新型出生前診断を導入する理由としては、高齢出産のリスクなどはよく知られており、出産に不安を持つ人はたくさんるため、何も情報がないより、相談できて不安を解消できるかもしれない検査がある意味は大きいはず。羊水検査には流産の危険性がありますが、新型診断はその危険性が全くありません。検査結果で陽性が出ても異常があるとは確定できませんが、陰性であれば99%の高い確率を示すので、羊水検査を避けることも可能です。検査を希望する県内の妊婦が長距離の移動を伴わずに受けられるようにしたいと考えていますと、新型診断を担当する同大の川野由紀枝助教(産婦人科)は語っていました。

カウンセリングの体制については、1人につき30分は確保して川野由紀枝助教が対応。検査で100%分かるわけではありませんが、希望すれば小児科医のカウンセリングも受けられます。費用は20万円程度で、米国の検査会社に検体を送って実施するそうです。

倫理面から批判の声もありますが、何が正しいとは簡単には言えません。社会的な善しあしとは別に、選択肢があって、検査を受ける人がいるという現実を知ってほしい。と川野由紀枝助教は話していました。

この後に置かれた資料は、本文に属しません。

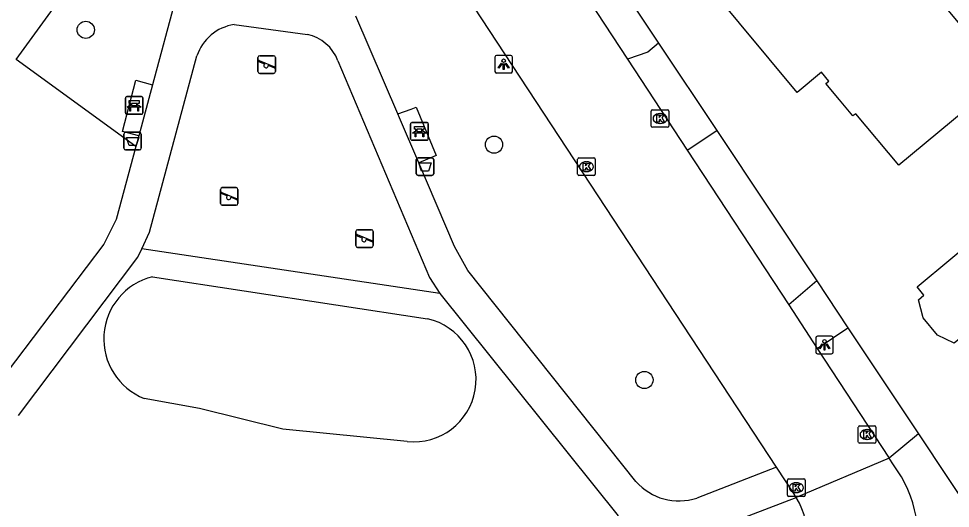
# Model space of a CAD drawing. Extents: x 157321 to 158827, y 386650 to 388532.
# Drawn here: x 158159.8 to 158212.8, y 387386.7 to 387414.5 of the extents above; entities that cross this region are included whole.
import ezdxf

# ---------------------------------------------------------------- set-up
doc = ezdxf.new("R2010")
doc.units = 0
for name, color, linetype in [('IMGEO_Afvalbak', 7, 'Continuous'), ('IMGEO_Bank', 7, 'Continuous'), ('IMGEO_Berm_groen', 7, 'Continuous'), ('IMGEO_Boom', 7, 'Continuous'), ('IMGEO_Groenvoorziening', 7, 'Continuous'), ('IMGEO_Kolk', 7, 'Continuous'), ('IMGEO_Lichtpunt', 7, 'Continuous'), ('IMGEO_Pand', 7, 'Continuous'), ('IMGEO_Rijbaan_lokaal_gesloten', 7, 'Continuous'), ('IMGEO_Rijbaan_lokaal_open', 7, 'Continuous'), ('IMGEO_Speelvoorziening', 7, 'Continuous'), ('IMGEO_Voetpad_halfverhard', 7, 'Continuous'), ('IMGEO_Voetpad_open', 7, 'Continuous')]:
    doc.layers.add(name, color=color, linetype=linetype)

msp = doc.modelspace()

# ---------------------------------------------------------------- linework, layer by layer
at = {"layer": 'IMGEO_Afvalbak'}
for p, q in [((158165.792, 387407.169), (158165.792, 387407.969)), ((158165.792, 387407.969), (158165.792, 387407.169)), ((158165.892, 387408.069), (158166.682, 387408.069)), ((158166.682, 387408.069), (158165.892, 387408.069)), ((158166.782, 387407.969), (158166.782, 387407.169)), ((158166.782, 387407.169), (158166.782, 387407.969)), ((158166.682, 387407.069), (158165.892, 387407.069)), ((158165.892, 387407.069), (158166.682, 387407.069)), ((158182.41, 387405.715), (158182.41, 387406.515)), ((158182.41, 387406.515), (158182.41, 387405.715)), ((158182.51, 387406.615), (158183.3, 387406.615)), ((158183.3, 387406.615), (158182.51, 387406.615)), ((158183.4, 387406.515), (158183.4, 387405.715)), ((158183.4, 387405.715), (158183.4, 387406.515)), ((158183.3, 387405.615), (158182.51, 387405.615)), ((158182.51, 387405.615), (158183.3, 387405.615))]:
    msp.add_line(p, q, dxfattribs=at)
for points in [[(158165.935, 387407.783), (158166.639, 387407.783), (158166.49, 387407.313), (158166.084, 387407.313), (158165.935, 387407.783)], [(158182.553, 387406.329), (158183.257, 387406.329), (158183.108, 387405.859), (158182.702, 387405.859), (158182.553, 387406.329)]]:
    msp.add_lwpolyline(points, dxfattribs=at)
for centre, start, end in [((158165.892, 387407.969), 90, 180), ((158165.892, 387407.969), 90, 180), ((158166.682, 387407.969), 0, 90), ((158166.682, 387407.969), 360, 90), ((158165.892, 387407.169), 180, 270), ((158165.892, 387407.169), 180, 270), ((158166.682, 387407.169), 270, 0), ((158166.682, 387407.169), 270, 0), ((158182.51, 387406.515), 90, 180), ((158182.51, 387406.515), 90, 180), ((158183.3, 387406.515), 0, 90), ((158183.3, 387406.515), 360, 90), ((158182.51, 387405.715), 180, 270), ((158182.51, 387405.715), 180, 270), ((158183.3, 387405.715), 270, 0), ((158183.3, 387405.715), 270, 0)]:
    msp.add_arc(centre, 0.1, start, end, dxfattribs=at)
at = {"layer": 'IMGEO_Bank'}
for p, q in [((158165.878, 387409.17), (158165.878, 387410.011)), ((158165.878, 387410.011), (158165.878, 387409.17)), ((158165.953, 387410.095), (158166.794, 387410.095)), ((158166.794, 387410.095), (158165.953, 387410.095)), ((158166.187, 387409.601), (158166.187, 387409.707)), ((158166.231, 387409.707), (158166.231, 387409.601)), ((158166.519, 387409.713), (158166.237, 387409.713)), ((158166.525, 387409.601), (158166.525, 387409.707)), ((158166.569, 387409.707), (158166.569, 387409.601)), ((158166.878, 387410.02), (158166.878, 387409.179)), ((158166.878, 387409.179), (158166.878, 387410.02)), ((158166.575, 387409.493), (158166.182, 387409.493)), ((158166.237, 387409.595), (158166.519, 387409.595)), ((158166.803, 387409.095), (158165.962, 387409.095)), ((158165.962, 387409.095), (158166.803, 387409.095)), ((158182.161, 387408.624), (158183.002, 387408.624)), ((158183.002, 387408.624), (158182.161, 387408.624)), ((158182.086, 387407.699), (158182.086, 387408.54)), ((158182.086, 387408.54), (158182.086, 387407.699)), ((158182.395, 387408.13), (158182.395, 387408.236)), ((158182.439, 387408.236), (158182.439, 387408.13)), ((158182.727, 387408.242), (158182.445, 387408.242)), ((158182.445, 387408.124), (158182.727, 387408.124)), ((158182.733, 387408.13), (158182.733, 387408.236)), ((158182.777, 387408.236), (158182.777, 387408.13)), ((158183.086, 387408.549), (158183.086, 387407.708)), ((158183.086, 387407.708), (158183.086, 387408.549)), ((158183.011, 387407.624), (158182.17, 387407.624)), ((158182.17, 387407.624), (158183.011, 387407.624)), ((158182.783, 387408.022), (158182.39, 387408.022))]:
    msp.add_line(p, q, dxfattribs=at)
for points in [[(158166.181, 387409.713), (158166.095, 387409.713), (158166.095, 387409.874), (158166.658, 387409.874), (158166.658, 387409.713), (158166.575, 387409.713)], [(158166.125, 387409.493), (158165.983, 387409.493), (158166.095, 387409.595), (158166.181, 387409.595)], [(158166.175, 387409.486), (158166.175, 387409.279), (158166.132, 387409.279), (158166.132, 387409.486)], [(158166.575, 387409.595), (158166.658, 387409.595), (158166.77, 387409.493), (158166.631, 387409.493)], [(158166.625, 387409.486), (158166.625, 387409.279), (158166.581, 387409.279), (158166.581, 387409.486)], [(158182.333, 387408.022), (158182.191, 387408.022), (158182.303, 387408.124), (158182.389, 387408.124)], [(158182.389, 387408.242), (158182.303, 387408.242), (158182.303, 387408.403), (158182.866, 387408.403), (158182.866, 387408.242), (158182.783, 387408.242)], [(158182.783, 387408.124), (158182.866, 387408.124), (158182.978, 387408.022), (158182.839, 387408.022)], [(158182.383, 387408.015), (158182.383, 387407.808), (158182.34, 387407.808), (158182.34, 387408.015)], [(158182.833, 387408.015), (158182.833, 387407.808), (158182.789, 387407.808), (158182.789, 387408.015)]]:
    msp.add_lwpolyline(points, dxfattribs=at)
for centre, radius, start, end in [((158165.956, 387410.017), 0.0779, 92.4484, 184.2845), ((158165.956, 387410.017), 0.0779, 92.4484, 184.2845), ((158166.18, 387409.706), 0.00671, 2.8957, 87.1043), ((158166.237, 387409.706), 0.00671, 92.8957, 177.1043), ((158166.519, 387409.706), 0.00671, 2.8957, 87.1043), ((158166.576, 387409.706), 0.00671, 92.8957, 177.1043), ((158166.8, 387410.017), 0.0779, 2.4484, 94.2845), ((158166.8, 387410.017), 0.0779, 2.4484, 94.2845), ((158165.956, 387409.173), 0.0779, 182.4484, 274.2845), ((158165.956, 387409.173), 0.0779, 182.4484, 274.2845), ((158166.125, 387409.486), 0.00671, 2.8957, 87.1043), ((158166.182, 387409.486), 0.00671, 92.8957, 177.1043), ((158166.18, 387409.602), 0.00671, 272.8957, 357.1043), ((158166.237, 387409.602), 0.00671, 182.8957, 267.1043), ((158166.519, 387409.602), 0.00671, 272.8957, 357.1043), ((158166.576, 387409.602), 0.00671, 182.8957, 267.1043), ((158166.574, 387409.486), 0.00671, 2.8957, 87.1043), ((158166.631, 387409.486), 0.00671, 92.8957, 177.1043), ((158166.8, 387409.173), 0.0779, 272.4484, 4.2845), ((158166.8, 387409.173), 0.0779, 272.4484, 4.2845), ((158182.164, 387408.546), 0.0779, 92.4484, 184.2845), ((158182.164, 387408.546), 0.0779, 92.4484, 184.2845), ((158183.008, 387408.546), 0.0779, 2.4484, 94.2845), ((158183.008, 387408.546), 0.0779, 2.4484, 94.2845), ((158182.388, 387408.235), 0.00671, 2.8957, 87.1043), ((158182.388, 387408.131), 0.00671, 272.8957, 357.1043), ((158182.445, 387408.235), 0.00671, 92.8957, 177.1043), ((158182.445, 387408.131), 0.00671, 182.8957, 267.1043), ((158182.727, 387408.235), 0.00671, 2.8957, 87.1043), ((158182.727, 387408.131), 0.00671, 272.8957, 357.1043), ((158182.784, 387408.235), 0.00671, 92.8957, 177.1043), ((158182.784, 387408.131), 0.00671, 182.8957, 267.1043), ((158182.164, 387407.702), 0.0779, 182.4484, 274.2845), ((158182.164, 387407.702), 0.0779, 182.4484, 274.2845), ((158182.333, 387408.015), 0.00671, 2.8957, 87.1043), ((158182.39, 387408.015), 0.00671, 92.8957, 177.1043), ((158182.782, 387408.015), 0.00671, 2.8957, 87.1043), ((158182.839, 387408.015), 0.00671, 92.8957, 177.1043), ((158183.008, 387407.702), 0.0779, 272.4484, 4.2845), ((158183.008, 387407.702), 0.0779, 272.4484, 4.2845)]:
    msp.add_arc(centre, radius, start, end, dxfattribs=at)
at = {"layer": 'IMGEO_Berm_groen'}
for points in [[(158188.758, 387424.311), (158196.186, 387413.139)], [(158199.492, 387408.168), (158205.174, 387399.622)], [(158206.948, 387396.956), (158210.955, 387390.929)]]:
    msp.add_lwpolyline(points, dxfattribs=at)
at = {"layer": 'IMGEO_Boom'}
for centre in [(158163.626, 387413.892), (158186.83, 387407.37), (158195.377, 387393.991)]:
    msp.add_circle(centre, 0.489, dxfattribs=at)
at = {"layer": 'IMGEO_Groenvoorziening'}
for points in [[(158166.475, 387407.255), (158159.666, 387412.214)], [(158166.641, 387407.872), (158165.706, 387408.118), (158166.469, 387411.035), (158167.416, 387410.765)], [(158181.364, 387409.113), (158182.127, 387409.392), (158182.406, 387409.494), (158183.533, 387406.755), (158182.559, 387406.325)], [(158183.753, 387398.901), (158166.807, 387401.446)], [(158167.411, 387399.859), (158183.05, 387397.466)], [(158181.898, 387390.491), (158174.836, 387391.193), (158170.099, 387392.371), (158166.955, 387392.937)]]:
    msp.add_lwpolyline(points, dxfattribs=at)
for centre, radius, start, end in [((158168.298, 387396.325), 3.644, 104.0917, 248.3702), ((158182.267, 387394.013), 3.541, 264.0132, 77.23)]:
    msp.add_arc(centre, radius, start, end, dxfattribs=at)
at = {"layer": 'IMGEO_Kolk'}
for p, q in [((158195.767, 387408.427), (158195.767, 387409.279)), ((158195.842, 387409.353), (158196.694, 387409.353)), ((158196.255, 387409.133), (158196.28, 387409.133)), ((158196.768, 387409.279), (158196.768, 387408.427)), ((158196.694, 387408.353), (158195.842, 387408.353)), ((158196.278, 387408.573), (158196.253, 387408.573)), ((158191.584, 387405.688), (158191.584, 387406.54)), ((158191.659, 387406.614), (158192.511, 387406.614)), ((158192.585, 387406.54), (158192.585, 387405.688)), ((158192.072, 387406.394), (158192.097, 387406.394)), ((158192.511, 387405.614), (158191.659, 387405.614)), ((158192.095, 387405.834), (158192.07, 387405.834)), ((158207.536, 387390.466), (158207.536, 387391.318)), ((158207.611, 387391.392), (158208.463, 387391.392)), ((158208.024, 387391.172), (158208.049, 387391.172)), ((158208.537, 387391.318), (158208.537, 387390.466)), ((158208.047, 387390.612), (158208.022, 387390.612)), ((158208.463, 387390.392), (158207.611, 387390.392)), ((158203.509, 387387.444), (158203.509, 387388.296)), ((158203.584, 387388.37), (158204.436, 387388.37)), ((158203.997, 387388.15), (158204.022, 387388.15)), ((158204.51, 387388.296), (158204.51, 387387.444)), ((158204.02, 387387.59), (158203.995, 387387.59)), ((158204.436, 387387.37), (158203.584, 387387.37))]:
    msp.add_line(p, q, dxfattribs=at)
for points in [[(158195.767, 387408.427), (158195.767, 387409.279)], [(158195.842, 387409.353), (158196.694, 387409.353)], [(158196.768, 387409.279), (158196.768, 387408.427)], [(158196.088, 387409.053), (158196.211, 387409.053), (158196.211, 387408.902), (158196.341, 387409.053), (158196.505, 387409.053), (158196.359, 387408.902), (158196.512, 387408.653), (158196.36, 387408.653), (158196.275, 387408.817), (158196.211, 387408.75), (158196.211, 387408.653), (158196.088, 387408.653), (158196.088, 387409.053)], [(158196.694, 387408.353), (158195.842, 387408.353)], [(158191.584, 387405.688), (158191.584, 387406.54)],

しかし、新型は技術的には産科医以外でもできるので、無秩序に検査をするようになってはまずいのは確かなようです。だから日本産科婦人科学会などは、検査の意味が伝わらなかったり、結果の解釈を間違えたりしてはいけないということで、一定のレベルを保った施設に絞って認定しています。一般の産科でもできる羊水検査と違って新型診断は要件を満たした施設でなければできず、カウンセリングも必須となっているそうです。